Sor Claudia se sentó detrás de la balaustrada que separa el espacio destinado al público del correspondiente a los abogados, los acusados, el ministerio público y el secretario. El juez. En resumen, el lugar en el que se celebra el juicio.

Tras haberle explicado brevemente lo que iba a ocurrir en cuestión de un momento, me dirigí al secretario judicial, que ya estaba sentado en su sitio. Tenía delante dos columnas de expedientes: los juicios que teóricamente se tenían que celebrar en aquella sesión. Teóricamente. En la práctica, habría suspensiones, nulidades, aplazamientos a petición de la defensa o bien «a causa de la excesiva acumulación de casos del día de hoy». Es decir, al término de la sesión, el juez sólo habría dictado sentencia en tres o cuatro causas como máximo.

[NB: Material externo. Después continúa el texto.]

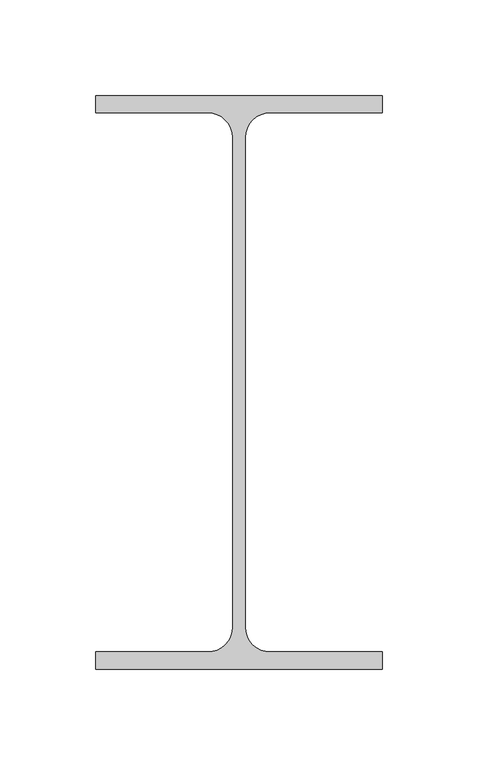
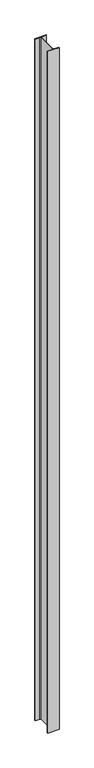
"""IFC4 building model written with IfcOpenShell, lengths in millimetres: column geometry, Steel Column_H_KS : H_SC_AR_S01_H-300x150x6.5x9_SSC1."""

from ifc_helpers import new_model, si_unit, point, frame, frame_2d, origin, place, context, project, spatial, polyline, circle_curve, trimmed, segment, composite_curve, outline, extrude, source, transform, mapped, element, save


def column_bfd32318(model_context):
    return source(origin(), model_context, "Body", "SweptSolid", [
        extrude(outline(composite_curve([segment(polyline([(75.0, 150.0), (75.0, 141.0), (16.25, 141.0)]), True, "CONTINUOUS"), segment(trimmed(circle_curve(frame_2d((16.25, 128.0)), 13.0), [point((16.25, 141.0))], [point((3.25, 128.0))], True, "CARTESIAN"), True, "CONTINUOUS"), segment(polyline([(3.25, 128.0), (3.25, -128.0)]), True, "CONTINUOUS"), segment(trimmed(circle_curve(frame_2d((16.25, -128.0)), 13.0), [point((3.25, -128.0))], [point((16.25, -141.0))], True, "CARTESIAN"), True, "CONTINUOUS"), segment(polyline([(16.25, -141.0), (75.0, -141.0), (75.0, -150.0), (-75.0, -150.0), (-75.0, -141.0), (-16.25, -141.0)]), True, "CONTINUOUS"), segment(trimmed(circle_curve(frame_2d((-16.25, -128.0)), 13.0), [point((-16.25, -141.0))], [point((-3.25, -128.0))], True, "CARTESIAN"), True, "CONTINUOUS"), segment(polyline([(-3.25, -128.0), (-3.25, 128.0)]), True, "CONTINUOUS"), segment(trimmed(circle_curve(frame_2d((-16.25, 128.0)), 13.0), [point((-3.25, 128.0))], [point((-16.25, 141.0))], True, "CARTESIAN"), True, "CONTINUOUS"), segment(polyline([(-16.25, 141.0), (-75.0, 141.0), (-75.0, 150.0), (75.0, 150.0)]), True, "CONTINUOUS")], self_intersect=False)), frame((0.0, 0.0, 249.9618634), z_axis=(0.0, 0.0, 1.0), x_axis=(1.0, 0.0, 0.0)), (0.0, 0.0, 1.0), 9650.0),
    ])


if __name__ == "__main__":
    model = new_model("IFC4")
    model_context = context("Model", 3, world=origin())
    ifc_project = project(units=[si_unit("LENGTHUNIT", "METRE", prefix="MILLI")], contexts=[model_context])
    site = spatial("IfcSite", under=ifc_project)
    building = spatial("IfcBuilding", under=site)
    placement = place(None, origin())
    column_shape = column_bfd32318(model_context)
    element("IfcColumn", 1, ObjectType="Steel Column_H_KS : H_SC_AR_S01_H-300x150x6.5x9_SSC1", at=placement, inside=building, context=model_context, shape_type="MappedRepresentation", body=[
        mapped(column_shape, transform((0.0, 0.0, 0.0), x_axis=(1.0, 0.0, 0.0), y_axis=(0.0, 1.0, 0.0), z_axis=(0.0, 0.0, 1.0))),
    ])
    save(model, "model.ifc")

# Revit data of these elements
# Type "Steel Column_H_KS : H_SC_AR_S01_H-300x150x6.5x9_SSC1"
#   Type Comments = "MAIN"
#   Type Mark = "SSC1"
#   H_SectionID = "H-300x150x6.5x9"
#   H_Ratio for Additional Steel Plate = 0.2
#   Width = 15.0 cm
#   Web Thickness = 0.65 cm
#   Web Fillet = 1.3 cm
#   Warping Constant = 107174.4 cm⁶
#   Torsional Moment of Inertia = 9.95386 cm⁴
#   Section Area = 46.78 cm²
#   Plastic Modulus weak axis = 105.0 cm³
#   Plastic Modulus strong axis = 542.0 cm³
#   Perimeter = 1.165 m²/m
#   Nominal Weight = 36.70 kgf/m
#   Moment of Inertia weak axis = 508.00 cm⁴
#   Moment of Inertia strong axis = 7210.00 cm⁴
#   Height = 30.0 cm
#   Flange Thickness = 0.9 cm
#   Elastic Modulus weak axis = 67.7 cm³
#   Elastic Modulus strong axis = 481.0 cm³
#   Centroid Vertical = 15.0 cm
#   Centroid Horizontal = 7.5 cm
#   Structural Material [instance default] = Steel, 45-345
#   Section Name Key = ""
#   Bolt Spacing = 0
#   Assembly Code = ""
# Element 1 (IfcColumn, "Steel Column_H_KS : H_SC_AR_S01_H-300x150x6.5x9_SSC1")
#   Materials on its faces: "Steel, 45-345"
# Materials
#   "Steel, 45-345": class "Metal", colour RGB 189 187 185, transparency 0, Description = "Steel 345 MPa", Cost = 0
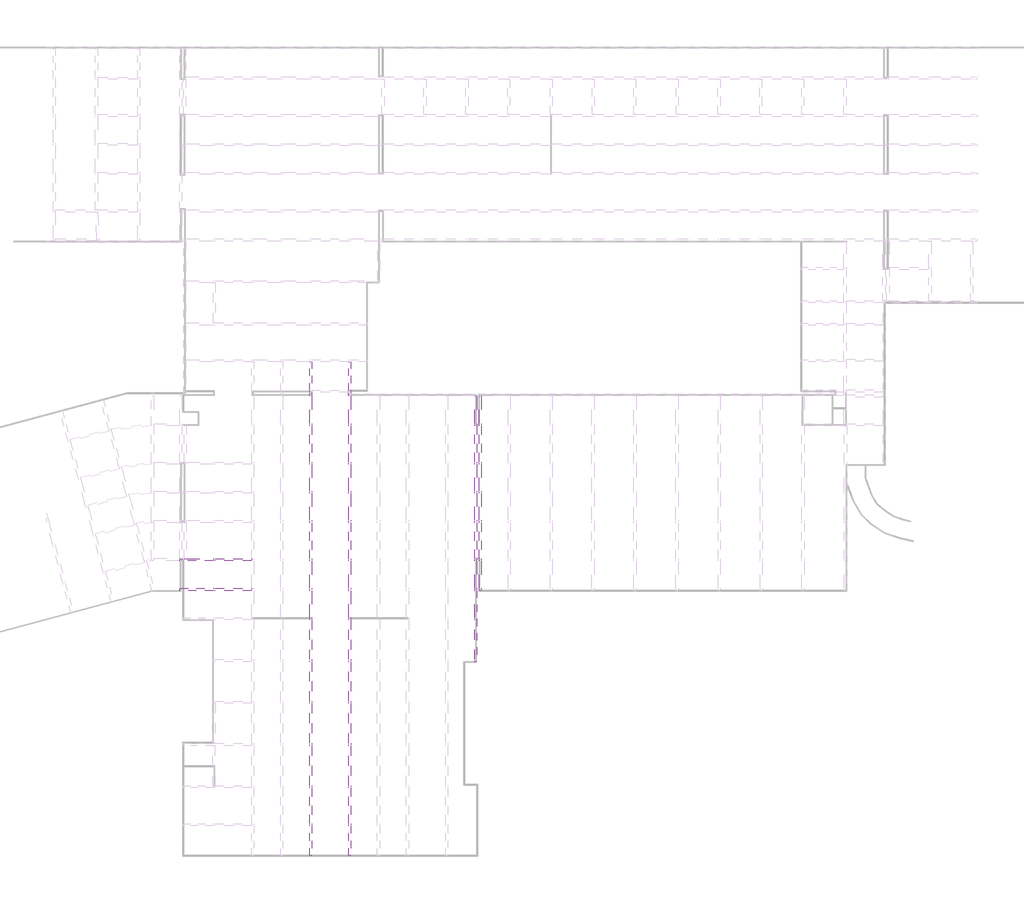
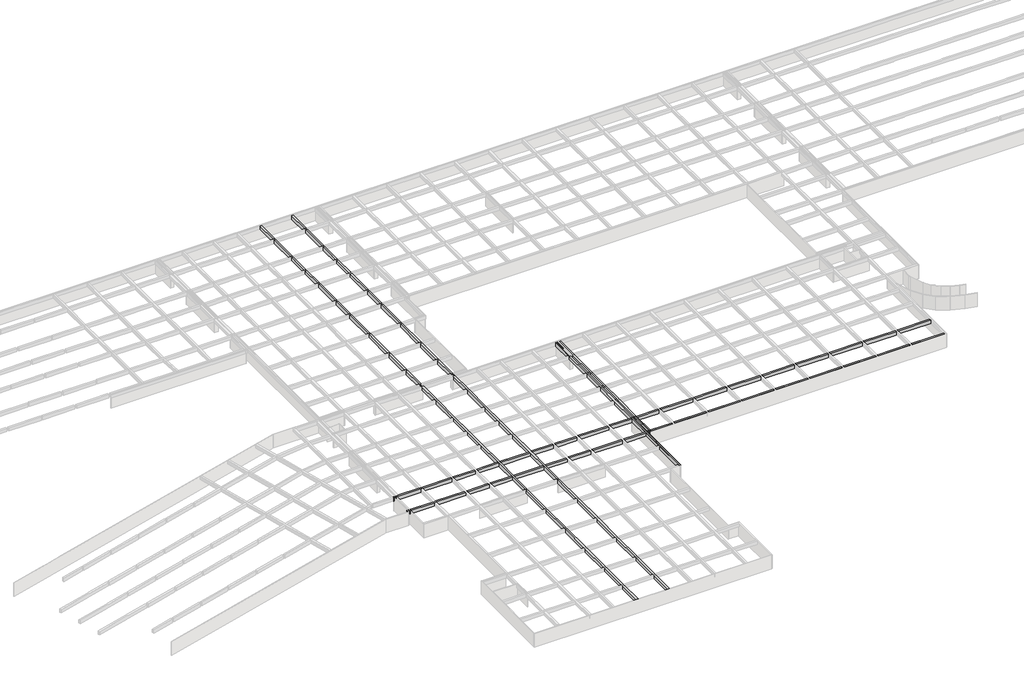
# One storey, part 8 of 14: 6 beams.
"""IFC4 building model written with IfcOpenShell, lengths in millimetres."""

import ifcopenshell
import ifcopenshell.guid

model = None  # the IFC model being written
_history = None  # IfcOwnerHistory: only IFC2X3 demands one
_inside = {}  # id of a spatial element -> (the spatial element, [elements in it])
_under = {}  # id of a project, library or spatial element -> (it, [spatial elements below it])
_declared = {}  # id of a project -> (the project, [libraries it declares])
_typed = {}  # id of a type object -> (the type object, [elements of that type])
_made_of = {}  # id of a material, layer set ... -> (it, [elements and type objects made of it])


def new_model(schema):
    """Start an empty IFC model of exactly this schema.

    Asked for "IFC4X3", IfcOpenShell would pick the latest addendum, in which some entities
    have other attributes; the version numbers below select the first issue.
    IFC2X3 requires an IfcOwnerHistory on every rooted entity: one is made here for all.
    """
    global model, _history
    if schema == "IFC4X3":
        model = ifcopenshell.file(schema_version=(4, 3, 0, 0))
    else:
        model = ifcopenshell.file(schema=schema)
    _inside.clear()
    _under.clear()
    _declared.clear()
    _typed.clear()
    _made_of.clear()
    _history = None
    if model.schema == "IFC2X3":
        org = make("IfcOrganization", Name="unknown")
        user = make(
            "IfcPersonAndOrganization",
            ThePerson=make("IfcPerson", FamilyName="unknown"),
            TheOrganization=org,
        )
        app = make(
            "IfcApplication",
            ApplicationDeveloper=org,
            Version="unknown",
            ApplicationFullName="unknown",
            ApplicationIdentifier="unknown",
        )
        _history = make(
            "IfcOwnerHistory",
            OwningUser=user,
            OwningApplication=app,
            ChangeAction="ADDED",
            CreationDate=0,
        )
    return model


def make(cls, **values):
    """One entity of the class cls with the attributes given. An attribute that is None is left unset."""
    return model.create_entity(
        cls, **{name: value for name, value in values.items() if value is not None}
    )


def rooted(cls, **values):
    """An entity with a GlobalId (a new one), such as an element, a storey or a relation."""
    return make(cls, GlobalId=ifcopenshell.guid.new(), OwnerHistory=_history, **values)


def si_unit(unit_type, name, prefix=None):
    """IfcSIUnit, for example si_unit("LENGTHUNIT", "METRE", prefix="MILLI")."""
    return make("IfcSIUnit", UnitType=unit_type, Prefix=prefix, Name=name)


def assignment(units):
    """IfcUnitAssignment: the units of a project."""
    return None if units is None else make("IfcUnitAssignment", Units=units)


def point(xyz):
    """IfcCartesianPoint."""
    return None if xyz is None else make("IfcCartesianPoint", Coordinates=xyz)


def direction(xyz):
    """IfcDirection."""
    return None if xyz is None else make("IfcDirection", DirectionRatios=xyz)


def frame(location, z_axis=None, x_axis=None):
    """IfcAxis2Placement3D, a coordinate frame: its origin and axes. An axis left out is left unset."""
    return make(
        "IfcAxis2Placement3D",
        Location=point(location),
        Axis=direction(z_axis),
        RefDirection=direction(x_axis),
    )


def origin():
    """The frame at (0, 0, 0) with its axes left unset."""
    return frame((0.0, 0.0, 0.0))


def place(relative_to, where):
    """IfcLocalPlacement: puts the frame where relative to a parent placement (None: the world)."""
    return make(
        "IfcLocalPlacement", PlacementRelTo=relative_to, RelativePlacement=where
    )


def context(
    kind, dimensions, precision=None, world=None, true_north=None, identifier=None
):
    """IfcGeometricRepresentationContext, for example the 3D "Model" context."""
    return make(
        "IfcGeometricRepresentationContext",
        ContextIdentifier=identifier,
        ContextType=kind,
        CoordinateSpaceDimension=dimensions,
        Precision=precision,
        WorldCoordinateSystem=world,
        TrueNorth=true_north,
    )


def project(units=None, contexts=None):
    """IfcProject with its units and contexts."""
    return rooted(
        "IfcProject",
        Name="project",
        RepresentationContexts=contexts,
        UnitsInContext=assignment(units),
    )


def spatial(cls, under=None, at=None, **own):
    """A site, building, storey or space (cls), placed at a placement, below another one or the project."""
    s = rooted(cls, ObjectPlacement=at, **own)
    if under is not None:
        _under.setdefault(under.id(), (under, []))[1].append(s)
    return s


def faces_of(points, faces, orient=None, outer=None):
    """IfcFace entities. A face is a list of loops; a loop is a list of indices into points, from 0.

    orient and outer hold one flag for each loop. By default every Orientation is true, the
    first loop of a face is its IfcFaceOuterBound and the others are IfcFaceBound.
    """
    made = []
    for i, loops in enumerate(faces):
        bounds = []
        for j, loop in enumerate(loops):
            is_outer = j == 0 if outer is None else outer[i][j]
            bounds.append(
                make(
                    "IfcFaceOuterBound" if is_outer else "IfcFaceBound",
                    Bound=make("IfcPolyLoop", Polygon=[points[k] for k in loop]),
                    Orientation=True if orient is None else orient[i][j],
                )
            )
        made.append(make("IfcFace", Bounds=bounds))
    return made


def faceted_brep(points, faces, orient=None, outer=None, voids=None):
    """IfcFacetedBrep: a solid bounded by flat faces; with voids (closed shells), ...WithVoids."""
    shared = [point(p) for p in points]
    hull = make("IfcClosedShell", CfsFaces=faces_of(shared, faces, orient, outer))
    if voids is None:
        return make("IfcFacetedBrep", Outer=hull)
    return make(
        "IfcFacetedBrepWithVoids",
        Outer=hull,
        Voids=[
            make(cls, CfsFaces=faces_of(shared, fs, o, b)) for cls, fs, o, b in voids
        ],
    )


def shape(context_of_items, identifier, shape_type, items):
    """IfcShapeRepresentation: the items that make up one representation, for example the "Body"."""
    return make(
        "IfcShapeRepresentation",
        ContextOfItems=context_of_items,
        RepresentationIdentifier=identifier,
        RepresentationType=shape_type,
        Items=items,
    )


def made_of(thing, what):
    """Note that an element or type object is made of a material, layer set ...; save() writes the relation."""
    if what is not None:
        _made_of.setdefault(what.id(), (what, []))[1].append(thing)
    return thing


def element(
    cls,
    number,
    at=None,
    inside=None,
    cuts=None,
    type_object=None,
    material=None,
    context=None,
    identifier="Body",
    shape_type=None,
    held_by="IfcProductDefinitionShape",
    body=None,
    shapes=None,
    **own,
):
    """One element of the class cls, such as IfcWall. Its Tag is "e" and its number.

    at: its placement. inside: the storey or other place that contains it. cuts: it is an
    opening in that element (IfcRelVoidsElement). A single representation is given by context,
    identifier, shape_type and body (its items); several are given by shapes. held_by: the class
    of the entity that holds the representations. save() writes the other relations.
    """
    e = rooted(cls, Tag="e%d" % number, ObjectPlacement=at, **own)
    if body is not None:
        shapes = [shape(context, identifier, shape_type, body)]
    if shapes is not None:
        e.Representation = make(held_by, Representations=shapes)
    if inside is not None:
        _inside.setdefault(inside.id(), (inside, []))[1].append(e)
    if cuts is not None:
        rooted(
            "IfcRelVoidsElement", RelatingBuildingElement=cuts, RelatedOpeningElement=e
        )
    if type_object is not None:
        _typed.setdefault(type_object.id(), (type_object, []))[1].append(e)
    return made_of(e, material)


def aggregate(whole, parts):
    """IfcRelAggregates: a whole, such as a stair, and the parts it consists of."""
    return rooted("IfcRelAggregates", RelatingObject=whole, RelatedObjects=parts)


def save(model, path):
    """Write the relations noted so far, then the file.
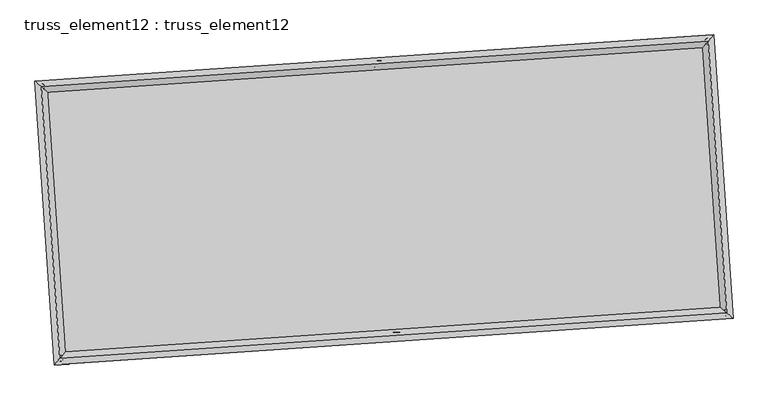
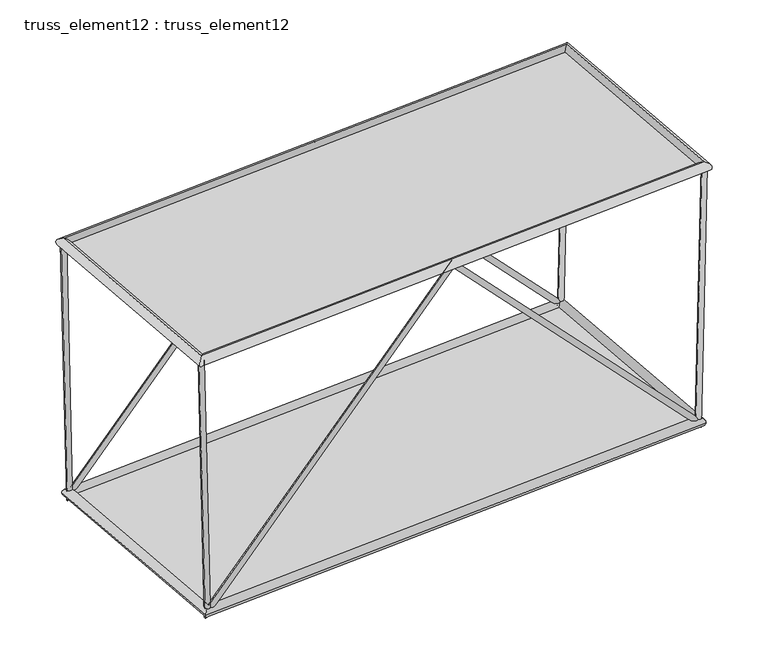
"""IFC4 building model written with IfcOpenShell, lengths in millimetres: plate geometry, truss_element12 : truss_element12."""

import ifcopenshell
import ifcopenshell.guid

model = None  # the IFC model being written
_history = None  # IfcOwnerHistory: only IFC2X3 demands one
_inside = {}  # id of a spatial element -> (the spatial element, [elements in it])
_under = {}  # id of a project, library or spatial element -> (it, [spatial elements below it])
_declared = {}  # id of a project -> (the project, [libraries it declares])
_typed = {}  # id of a type object -> (the type object, [elements of that type])
_made_of = {}  # id of a material, layer set ... -> (it, [elements and type objects made of it])


def new_model(schema):
    """Start an empty IFC model of exactly this schema.

    Asked for "IFC4X3", IfcOpenShell would pick the latest addendum, in which some entities
    have other attributes; the version numbers below select the first issue.
    IFC2X3 requires an IfcOwnerHistory on every rooted entity: one is made here for all.
    """
    global model, _history
    if schema == "IFC4X3":
        model = ifcopenshell.file(schema_version=(4, 3, 0, 0))
    else:
        model = ifcopenshell.file(schema=schema)
    _inside.clear()
    _under.clear()
    _declared.clear()
    _typed.clear()
    _made_of.clear()
    _history = None
    if model.schema == "IFC2X3":
        org = make("IfcOrganization", Name="unknown")
        user = make(
            "IfcPersonAndOrganization",
            ThePerson=make("IfcPerson", FamilyName="unknown"),
            TheOrganization=org,
        )
        app = make(
            "IfcApplication",
            ApplicationDeveloper=org,
            Version="unknown",
            ApplicationFullName="unknown",
            ApplicationIdentifier="unknown",
        )
        _history = make(
            "IfcOwnerHistory",
            OwningUser=user,
            OwningApplication=app,
            ChangeAction="ADDED",
            CreationDate=0,
        )
    return model


def make(cls, **values):
    """One entity of the class cls with the attributes given. An attribute that is None is left unset."""
    return model.create_entity(
        cls, **{name: value for name, value in values.items() if value is not None}
    )


def rooted(cls, **values):
    """An entity with a GlobalId (a new one), such as an element, a storey or a relation."""
    return make(cls, GlobalId=ifcopenshell.guid.new(), OwnerHistory=_history, **values)


def si_unit(unit_type, name, prefix=None):
    """IfcSIUnit, for example si_unit("LENGTHUNIT", "METRE", prefix="MILLI")."""
    return make("IfcSIUnit", UnitType=unit_type, Prefix=prefix, Name=name)


def assignment(units):
    """IfcUnitAssignment: the units of a project."""
    return None if units is None else make("IfcUnitAssignment", Units=units)


def point(xyz):
    """IfcCartesianPoint."""
    return None if xyz is None else make("IfcCartesianPoint", Coordinates=xyz)


def direction(xyz):
    """IfcDirection."""
    return None if xyz is None else make("IfcDirection", DirectionRatios=xyz)


def frame(location, z_axis=None, x_axis=None):
    """IfcAxis2Placement3D, a coordinate frame: its origin and axes. An axis left out is left unset."""
    return make(
        "IfcAxis2Placement3D",
        Location=point(location),
        Axis=direction(z_axis),
        RefDirection=direction(x_axis),
    )


def origin():
    """The frame at (0, 0, 0) with its axes left unset."""
    return frame((0.0, 0.0, 0.0))


def origin_with_axes():
    """The frame at (0, 0, 0) with the z axis (0, 0, 1) and the x axis (1, 0, 0) written out."""
    return frame((0.0, 0.0, 0.0), z_axis=(0.0, 0.0, 1.0), x_axis=(1.0, 0.0, 0.0))


def place(relative_to, where):
    """IfcLocalPlacement: puts the frame where relative to a parent placement (None: the world)."""
    return make(
        "IfcLocalPlacement", PlacementRelTo=relative_to, RelativePlacement=where
    )


def context(
    kind, dimensions, precision=None, world=None, true_north=None, identifier=None
):
    """IfcGeometricRepresentationContext, for example the 3D "Model" context."""
    return make(
        "IfcGeometricRepresentationContext",
        ContextIdentifier=identifier,
        ContextType=kind,
        CoordinateSpaceDimension=dimensions,
        Precision=precision,
        WorldCoordinateSystem=world,
        TrueNorth=true_north,
    )


def project(units=None, contexts=None):
    """IfcProject with its units and contexts."""
    return rooted(
        "IfcProject",
        Name="project",
        RepresentationContexts=contexts,
        UnitsInContext=assignment(units),
    )


def spatial(cls, under=None, at=None, **own):
    """A site, building, storey or space (cls), placed at a placement, below another one or the project."""
    s = rooted(cls, ObjectPlacement=at, **own)
    if under is not None:
        _under.setdefault(under.id(), (under, []))[1].append(s)
    return s


def polyline(points):
    """IfcPolyline through the points."""
    return make("IfcPolyline", Points=[point(p) for p in points])


def circle_curve(where, radius):
    """IfcCircle in the frame where."""
    return make("IfcCircle", Position=where, Radius=radius)


def ellipse_curve(where, semi_axis1, semi_axis2):
    """IfcEllipse in the frame where."""
    return make(
        "IfcEllipse", Position=where, SemiAxis1=semi_axis1, SemiAxis2=semi_axis2
    )


def outline(outer, holes=None, kind="AREA"):
    """IfcArbitraryClosedProfileDef: a profile drawn as a closed curve; with holes, ...WithVoids."""
    if holes is None:
        return make("IfcArbitraryClosedProfileDef", ProfileType=kind, OuterCurve=outer)
    return make(
        "IfcArbitraryProfileDefWithVoids",
        ProfileType=kind,
        OuterCurve=outer,
        InnerCurves=holes,
    )


def extrude(swept, where, along, depth):
    """IfcExtrudedAreaSolid: the profile swept, set in the frame where, extruded along a direction by depth."""
    return make(
        "IfcExtrudedAreaSolid",
        SweptArea=swept,
        Position=where,
        ExtrudedDirection=direction(along),
        Depth=depth,
    )


def shape(context_of_items, identifier, shape_type, items):
    """IfcShapeRepresentation: the items that make up one representation, for example the "Body"."""
    return make(
        "IfcShapeRepresentation",
        ContextOfItems=context_of_items,
        RepresentationIdentifier=identifier,
        RepresentationType=shape_type,
        Items=items,
    )


def source(mapping_origin, context_of_items, identifier, shape_type, items):
    """IfcRepresentationMap: a shape defined once, which mapped items show again and again."""
    return make(
        "IfcRepresentationMap",
        MappingOrigin=mapping_origin,
        MappedRepresentation=shape(context_of_items, identifier, shape_type, items),
    )


def transform(
    local_origin,
    x_axis=None,
    y_axis=None,
    z_axis=None,
    scale=None,
    scale2=None,
    scale3=None,
    uniform=True,
):
    """IfcCartesianTransformationOperator3D, or its non-uniform kind. x_axis, y_axis, z_axis: its Axis1, 2, 3."""
    if uniform:
        return make(
            "IfcCartesianTransformationOperator3D",
            Axis1=direction(x_axis),
            Axis2=direction(y_axis),
            LocalOrigin=point(local_origin),
            Scale=scale,
            Axis3=direction(z_axis),
        )
    return make(
        "IfcCartesianTransformationOperator3DnonUniform",
        Axis1=direction(x_axis),
        Axis2=direction(y_axis),
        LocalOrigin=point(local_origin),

Caldarola no pensaba que el exceso de trabajo fuera algo muy digno de un magistrado.

Le pedí al secretario que me dejara ver el expediente. Quería comprobar la lista de los testigos del ministerio público y de la defensa. Yo no había entregado ninguna lista, porque daba por descontado que Alessandra Mantovani ya habría solicitado todos los testigos relevantes.

El secretario me entregó el expediente y yo fui a sentarme en uno de los bancos reservados a los abogados. Todos todavía desiertos, a pesar de la muchedumbre que había fuera.